## BRIEF
Print them exactly: the lines from the beginning of the entries below through the line that contains "building model written", and only those, with the pictures left out.

——————

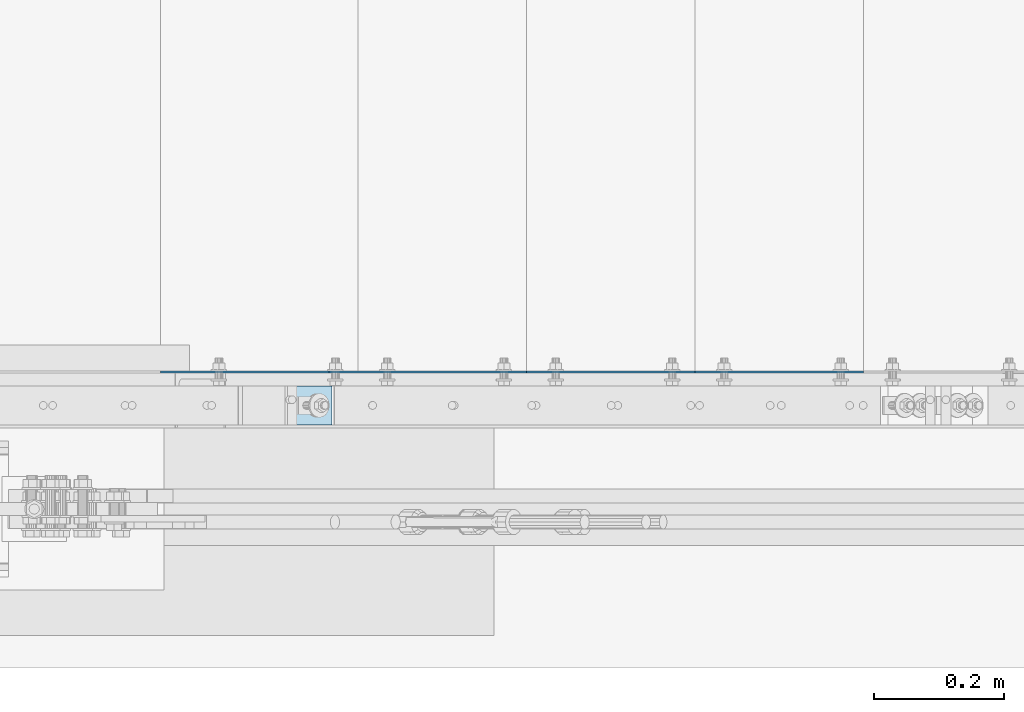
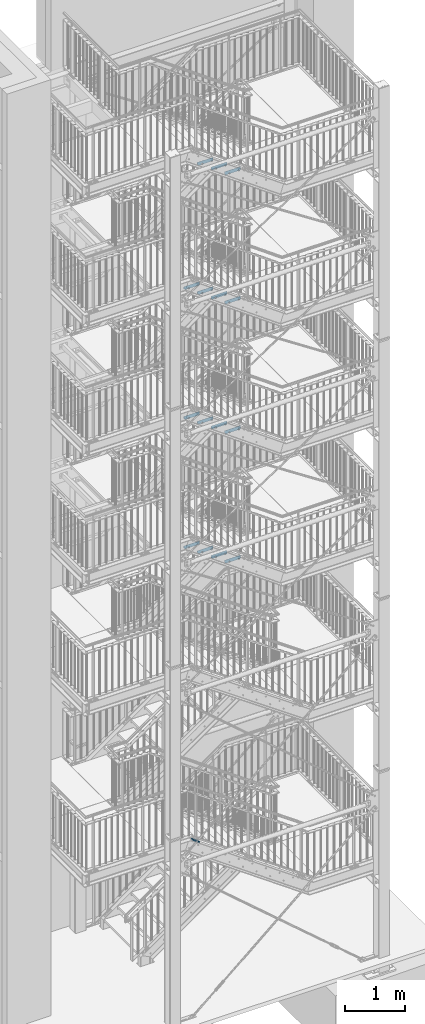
# One storey, part 169 of 831: 16 plates, 32 openings.
"""IFC2X3 building model written with IfcOpenShell, lengths in millimetres."""

from ifc_helpers import new_model, entity, si_unit, converted_unit, point, frame, frame_2d, origin, origin_with_axes, origin_2d_with_axis, place, context, project, spatial, polyline, circle_curve, line_curve, trimmed, segment, composite_curve, circle, outline, extrude, material, layer, layer_set, element, save


model = new_model("IFC2X3")

# Units and contexts
model_context = context("Model", 3, precision=1e-09, world=origin_with_axes())
ifc_project = project(units=[si_unit("LENGTHUNIT", "METRE", prefix="MILLI"), si_unit("AREAUNIT", "SQUARE_METRE"), si_unit("VOLUMEUNIT", "CUBIC_METRE"), converted_unit("PLANEANGLEUNIT", "DEGREE", entity("IfcPlaneAngleMeasure", 0.01745329), si_unit("PLANEANGLEUNIT", "RADIAN"), dimensions=[0, 0, 0, 0, 0, 0, 0])], contexts=[model_context])

# Site, building, storey
site_placement = place(None, origin_with_axes())
site = spatial("IfcSite", under=ifc_project, at=site_placement, Name="Site", CompositionType="ELEMENT")
building_placement = place(site_placement, origin_with_axes())
building = spatial("IfcBuilding", under=site, at=building_placement, Name="Struktur 1", CompositionType="ELEMENT")
storey_placement = place(building_placement, origin_with_axes())
storey = spatial("IfcBuildingStorey", under=building, at=storey_placement, Name="Default Storey", CompositionType="ELEMENT", Elevation=0.0)

# Plate, openings
ifc_material = material(Name="S235JR")
ifc_layer_1 = layer(ifc_material, 20.0)
ifc_layer_set_1 = layer_set([ifc_layer_1], Name="S235JR")
plate_1_placement = place(None, frame((5314.268058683, 4496.736971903, 3831.785480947), z_axis=(0.579973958, 0.0, 0.814635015), x_axis=(0.814635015, 0.0, -0.579973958)))
plate_1 = element("IfcPlate", 1, at=plate_1_placement, inside=storey, material=ifc_layer_set_1, Name="Plate#510", ObjectType="Plate#510", context=model_context, shape_type="SweptSolid", body=[
    extrude(outline(polyline([(0.0, 0.0), (160.0, 0.0), (160.0, 60.0), (0.0, 60.0), (0.0, 0.0)])), origin_with_axes(), (0.0, 0.0, 1.0), 20.0),
])
opening_1_placement = place(plate_1_placement, frame((38.0, 37.001, 20.5), z_axis=(0.0, 0.0, 1.0), x_axis=(-1.0, 0.0, 0.0)))
element("IfcOpeningElement", 2, at=opening_1_placement, cuts=plate_1, ObjectType="Opening", context=model_context, shape_type="SweptSolid", body=[
    extrude(outline(composite_curve([segment(trimmed(line_curve((0.0, 0.0), (1.0, 0.0), 16.0), [point((0.0, 0.0))], [point((16.0, 0.0))], True, "CARTESIAN"), True, "CONTINUOUS"), segment(trimmed(circle_curve(frame_2d((16.0, 7.001), x_axis=(1.0, 0.0)), 7.001), [point((16.0, 0.0))], [point((16.0, 14.002))], True, "CARTESIAN"), True, "CONTINUOUS"), segment(trimmed(line_curve((16.0, 14.002), (-1.0, 0.0), 16.0), [point((16.0, 14.002))], [point((0.0, 14.002))], True, "CARTESIAN"), True, "CONTINUOUS"), segment(trimmed(circle_curve(frame_2d((0.0, 7.001), x_axis=(1.0, 0.0)), 7.001), [point((0.0, 14.002))], [point((0.0, 0.0))], True, "CARTESIAN"), True, "CONTINUOUS")], self_intersect=False)), origin(), (0.0, 0.0, -1.0), 21.0),
])
opening_2_placement = place(plate_1_placement, frame((138.0, 37.001, 20.5), z_axis=(0.0, 0.0, 1.0), x_axis=(-1.0, 0.0, 0.0)))
element("IfcOpeningElement", 3, at=opening_2_placement, cuts=plate_1, ObjectType="Opening", context=model_context, shape_type="SweptSolid", body=[
    extrude(outline(composite_curve([segment(trimmed(line_curve((0.0, 0.0), (1.0, 0.0), 16.0), [point((0.0, 0.0))], [point((16.0, 0.0))], True, "CARTESIAN"), True, "CONTINUOUS"), segment(trimmed(circle_curve(frame_2d((16.0, 7.001), x_axis=(1.0, 0.0)), 7.001), [point((16.0, 0.0))], [point((16.0, 14.002))], True, "CARTESIAN"), True, "CONTINUOUS"), segment(trimmed(line_curve((16.0, 14.002), (-1.0, 0.0), 16.0), [point((16.0, 14.002))], [point((0.0, 14.002))], True, "CARTESIAN"), True, "CONTINUOUS"), segment(trimmed(circle_curve(frame_2d((0.0, 7.001), x_axis=(1.0, 0.0)), 7.001), [point((0.0, 14.002))], [point((0.0, 0.0))], True, "CARTESIAN"), True, "CONTINUOUS")], self_intersect=False)), origin(), (0.0, 0.0, -1.0), 21.0),
])

ifc_layer_2 = layer(ifc_material, 3.0)
ifc_layer_set_2 = layer_set([ifc_layer_2], Name="S235JR")
plate_2_placement = place(None, frame((6276.713402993, 4576.736971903, 9240.0), z_axis=(0.0, 1.0, 0.0), x_axis=(0.0, 0.0, -1.0)))
plate_2 = element("IfcPlate", 4, at=plate_2_placement, inside=storey, material=ifc_layer_set_2, Name="Grate_Step#16", ObjectType="Grate_Step#16", context=model_context, shape_type="SweptSolid", body=[
    extrude(outline(polyline([(0.0, 0.0), (70.0, 0.0), (70.0, 275.0), (40.0, 305.0), (0.0, 305.0), (0.0, 0.0)])), origin_with_axes(), (0.0, 0.0, 1.0), 3.0),
])
opening_3_placement = place(plate_2_placement, frame((55.0, 35.0, 3.5), z_axis=(0.0, 0.0, -1.0), x_axis=(0.0, 1.0, 0.0)))
element("IfcOpeningElement", 5, at=opening_3_placement, cuts=plate_2, ObjectType="Opening", context=model_context, shape_type="SweptSolid", body=[
    extrude(circle(Radius=7.001, at=origin_2d_with_axis()), origin(), (0.0, 0.0, 1.0), 4.0),
])
opening_4_placement = place(plate_2_placement, frame((55.0, 215.0, 3.5), z_axis=(0.0, 0.0, -1.0), x_axis=(0.0, 1.0, 0.0)))
element("IfcOpeningElement", 6, at=opening_4_placement, cuts=plate_2, ObjectType="Opening", context=model_context, shape_type="SweptSolid", body=[
    extrude(outline(composite_curve([segment(trimmed(line_curve((-9.5, -7.001), (1.0, 0.0), 19.0), [point((-9.5, -7.001))], [point((9.5, -7.001))], True, "CARTESIAN"), True, "CONTINUOUS"), segment(trimmed(circle_curve(frame_2d((9.5, 0.0), x_axis=(1.0, 0.0)), 7.001), [point((9.5, -7.001))], [point((9.5, 7.001))], True, "CARTESIAN"), True, "CONTINUOUS"), segment(trimmed(line_curve((9.5, 7.001), (-1.0, 0.0), 19.0), [point((9.5, 7.001))], [point((-9.5, 7.001))], True, "CARTESIAN"), True, "CONTINUOUS"), segment(trimmed(circle_curve(frame_2d((-9.5, 0.0), x_axis=(1.0, 0.0)), 7.001), [point((-9.5, 7.001))], [point((-9.5, -7.001))], True, "CARTESIAN"), True, "CONTINUOUS")], self_intersect=False)), origin(), (0.0, 0.0, 1.0), 4.0),
])

plate_3_placement = place(None, frame((6016.713402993, 4576.736971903, 9428.0), z_axis=(0.0, 1.0, 0.0), x_axis=(0.0, 0.0, -1.0)))
plate_3 = element("IfcPlate", 7, at=plate_3_placement, inside=storey, material=ifc_layer_set_2, Name="Grate_Step#23", ObjectType="Grate_Step#23", context=model_context, shape_type="SweptSolid", body=[
    extrude(outline(polyline([(0.0, 0.0), (70.0, 0.0), (70.0, 275.0), (40.0, 305.0), (0.0, 305.0), (0.0, 0.0)])), origin_with_axes(), (0.0, 0.0, 1.0), 3.0),
])
opening_5_placement = place(plate_3_placement, frame((55.0, 215.0, 3.5), z_axis=(0.0, 0.0, -1.0), x_axis=(0.0, 1.0, 0.0)))
element("IfcOpeningElement", 8, at=opening_5_placement, cuts=plate_3, ObjectType="Opening", context=model_context, shape_type="SweptSolid", body=[
    extrude(outline(composite_curve([segment(trimmed(line_curve((-9.5, -7.001), (1.0, 0.0), 19.0), [point((-9.5, -7.001))], [point((9.5, -7.001))], True, "CARTESIAN"), True, "CONTINUOUS"), segment(trimmed(circle_curve(frame_2d((9.5, 0.0), x_axis=(1.0, 0.0)), 7.001), [point((9.5, -7.001))], [point((9.5, 7.001))], True, "CARTESIAN"), True, "CONTINUOUS"), segment(trimmed(line_curve((9.5, 7.001), (-1.0, 0.0), 19.0), [point((9.5, 7.001))], [point((-9.5, 7.001))], True, "CARTESIAN"), True, "CONTINUOUS"), segment(trimmed(circle_curve(frame_2d((-9.5, 0.0), x_axis=(1.0, 0.0)), 7.001), [point((-9.5, 7.001))], [point((-9.5, -7.001))], True, "CARTESIAN"), True, "CONTINUOUS")], self_intersect=False)), origin(), (0.0, 0.0, 1.0), 4.0),
])
opening_6_placement = place(plate_3_placement, frame((55.0, 35.0, 3.5), z_axis=(0.0, 0.0, -1.0), x_axis=(0.0, 1.0, 0.0)))
element("IfcOpeningElement", 9, at=opening_6_placement, cuts=plate_3, ObjectType="Opening", context=model_context, shape_type="SweptSolid", body=[
    extrude(circle(Radius=7.001, at=origin_2d_with_axis()), origin(), (0.0, 0.0, 1.0), 4.0),
])

plate_4_placement = place(None, frame((5756.713402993, 4576.736971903, 9616.0), z_axis=(0.0, 1.0, 0.0), x_axis=(0.0, 0.0, -1.0)))
plate_4 = element("IfcPlate", 10, at=plate_4_placement, inside=storey, material=ifc_layer_set_2, Name="Grate_Step#30", ObjectType="Grate_Step#30", context=model_context, shape_type="SweptSolid", body=[
    extrude(outline(polyline([(0.0, 0.0), (70.0, 0.0), (70.0, 275.0), (40.0, 305.0), (0.0, 305.0), (0.0, 0.0)])), origin_with_axes(), (0.0, 0.0, 1.0), 3.0),
])
opening_7_placement = place(plate_4_placement, frame((55.0, 35.0, 3.5), z_axis=(0.0, 0.0, -1.0), x_axis=(0.0, 1.0, 0.0)))
element("IfcOpeningElement", 11, at=opening_7_placement, cuts=plate_4, ObjectType="Opening", context=model_context, shape_type="SweptSolid", body=[
    extrude(circle(Radius=7.001, at=origin_2d_with_axis()), origin(), (0.0, 0.0, 1.0), 4.0),
])
opening_8_placement = place(plate_4_placement, frame((55.0, 215.0, 3.5), z_axis=(0.0, 0.0, -1.0), x_axis=(0.0, 1.0, 0.0)))
element("IfcOpeningElement", 12, at=opening_8_placement, cuts=plate_4, ObjectType="Opening", context=model_context, shape_type="SweptSolid", body=[
    extrude(outline(composite_curve([segment(trimmed(line_curve((-9.5, -7.001), (1.0, 0.0), 19.0), [point((-9.5, -7.001))], [point((9.5, -7.001))], True, "CARTESIAN"), True, "CONTINUOUS"), segment(trimmed(circle_curve(frame_2d((9.5, 0.0), x_axis=(1.0, 0.0)), 7.001), [point((9.5, -7.001))], [point((9.5, 7.001))], True, "CARTESIAN"), True, "CONTINUOUS"), segment(trimmed(line_curve((9.5, 7.001), (-1.0, 0.0), 19.0), [point((9.5, 7.001))], [point((-9.5, 7.001))], True, "CARTESIAN"), True, "CONTINUOUS"), segment(trimmed(circle_curve(frame_2d((-9.5, 0.0), x_axis=(1.0, 0.0)), 7.001), [point((-9.5, 7.001))], [point((-9.5, -7.001))], True, "CARTESIAN"), True, "CONTINUOUS")], self_intersect=False)), origin(), (0.0, 0.0, 1.0), 4.0),
])

plate_5_placement = place(None, frame((5496.713402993, 4576.736971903, 9804.0), z_axis=(0.0, 1.0, 0.0), x_axis=(0.0, 0.0, -1.0)))
plate_5 = element("IfcPlate", 13, at=plate_5_placement, inside=storey, material=ifc_layer_set_2, Name="Grate_Step#37", ObjectType="Grate_Step#37", context=model_context, shape_type="SweptSolid", body=[
    extrude(outline(polyline([(0.0, 0.0), (70.0, 0.0), (70.0, 275.0), (40.0, 305.0), (0.0, 305.0), (0.0, 0.0)])), origin_with_axes(), (0.0, 0.0, 1.0), 3.0),
])
opening_9_placement = place(plate_5_placement, frame((55.0, 35.0, 3.5), z_axis=(0.0, 0.0, -1.0), x_axis=(0.0, 1.0, 0.0)))
element("IfcOpeningElement", 14, at=opening_9_placement, cuts=plate_5, ObjectType="Opening", context=model_context, shape_type="SweptSolid", body=[
    extrude(circle(Radius=7.001, at=origin_2d_with_axis()), origin(), (0.0, 0.0, 1.0), 4.0),
])
opening_10_placement = place(plate_5_placement, frame((55.0, 215.0, 3.5), z_axis=(0.0, 0.0, -1.0), x_axis=(0.0, 1.0, 0.0)))
element("IfcOpeningElement", 15, at=opening_10_placement, cuts=plate_5, ObjectType="Opening", context=model_context, shape_type="SweptSolid", body=[
    extrude(outline(composite_curve([segment(trimmed(line_curve((-9.5, -7.001), (1.0, 0.0), 19.0), [point((-9.5, -7.001))], [point((9.5, -7.001))], True, "CARTESIAN"), True, "CONTINUOUS"), segment(trimmed(circle_curve(frame_2d((9.5, 0.0), x_axis=(1.0, 0.0)), 7.001), [point((9.5, -7.001))], [point((9.5, 7.001))], True, "CARTESIAN"), True, "CONTINUOUS"), segment(trimmed(line_curve((9.5, 7.001), (-1.0, 0.0), 19.0), [point((9.5, 7.001))], [point((-9.5, 7.001))], True, "CARTESIAN"), True, "CONTINUOUS"), segment(trimmed(circle_curve(frame_2d((-9.5, 0.0), x_axis=(1.0, 0.0)), 7.001), [point((-9.5, 7.001))], [point((-9.5, -7.001))], True, "CARTESIAN"), True, "CONTINUOUS")], self_intersect=False)), origin(), (0.0, 0.0, 1.0), 4.0),
])

plate_6_placement = place(None, frame((6276.713402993, 4576.736971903, 11868.4285716), z_axis=(0.0, 1.0, 0.0), x_axis=(0.0, 0.0, -1.0)))
plate_6 = element("IfcPlate", 16, at=plate_6_placement, inside=storey, material=ifc_layer_set_2, Name="Grate_Step#16", ObjectType="Grate_Step#16", context=model_context, shape_type="SweptSolid", body=[
    extrude(outline(polyline([(0.0, 0.0), (70.0, 0.0), (70.0, 275.0), (40.0, 305.0), (0.0, 305.0), (0.0, 0.0)])), origin_with_axes(), (0.0, 0.0, 1.0), 3.0),
])
opening_11_placement = place(plate_6_placement, frame((55.0, 35.0, 3.5), z_axis=(0.0, 0.0, -1.0), x_axis=(0.0, 1.0, 0.0)))
element("IfcOpeningElement", 17, at=opening_11_placement, cuts=plate_6, ObjectType="Opening", context=model_context, shape_type="SweptSolid", body=[
    extrude(circle(Radius=7.001, at=origin_2d_with_axis()), origin(), (0.0, 0.0, 1.0), 4.0),
])
opening_12_placement = place(plate_6_placement, frame((55.0, 215.0, 3.5), z_axis=(0.0, 0.0, -1.0), x_axis=(0.0, 1.0, 0.0)))
element("IfcOpeningElement", 18, at=opening_12_placement, cuts=plate_6, ObjectType="Opening", context=model_context, shape_type="SweptSolid", body=[
    extrude(outline(composite_curve([segment(trimmed(line_curve((-9.5, -7.001), (1.0, 0.0), 19.0), [point((-9.5, -7.001))], [point((9.5, -7.001))], True, "CARTESIAN"), True, "CONTINUOUS"), segment(trimmed(circle_curve(frame_2d((9.5, 0.0), x_axis=(1.0, 0.0)), 7.001), [point((9.5, -7.001))], [point((9.5, 7.001))], True, "CARTESIAN"), True, "CONTINUOUS"), segment(trimmed(line_curve((9.5, 7.001), (-1.0, 0.0), 19.0), [point((9.5, 7.001))], [point((-9.5, 7.001))], True, "CARTESIAN"), True, "CONTINUOUS"), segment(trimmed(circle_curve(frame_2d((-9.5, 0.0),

——————

## SOLUTION TO THIS PROBLEM
# One storey, part 169 of 831: 16 plates, 32 openings.
"""IFC2X3 building model written with IfcOpenShell, lengths in millimetres."""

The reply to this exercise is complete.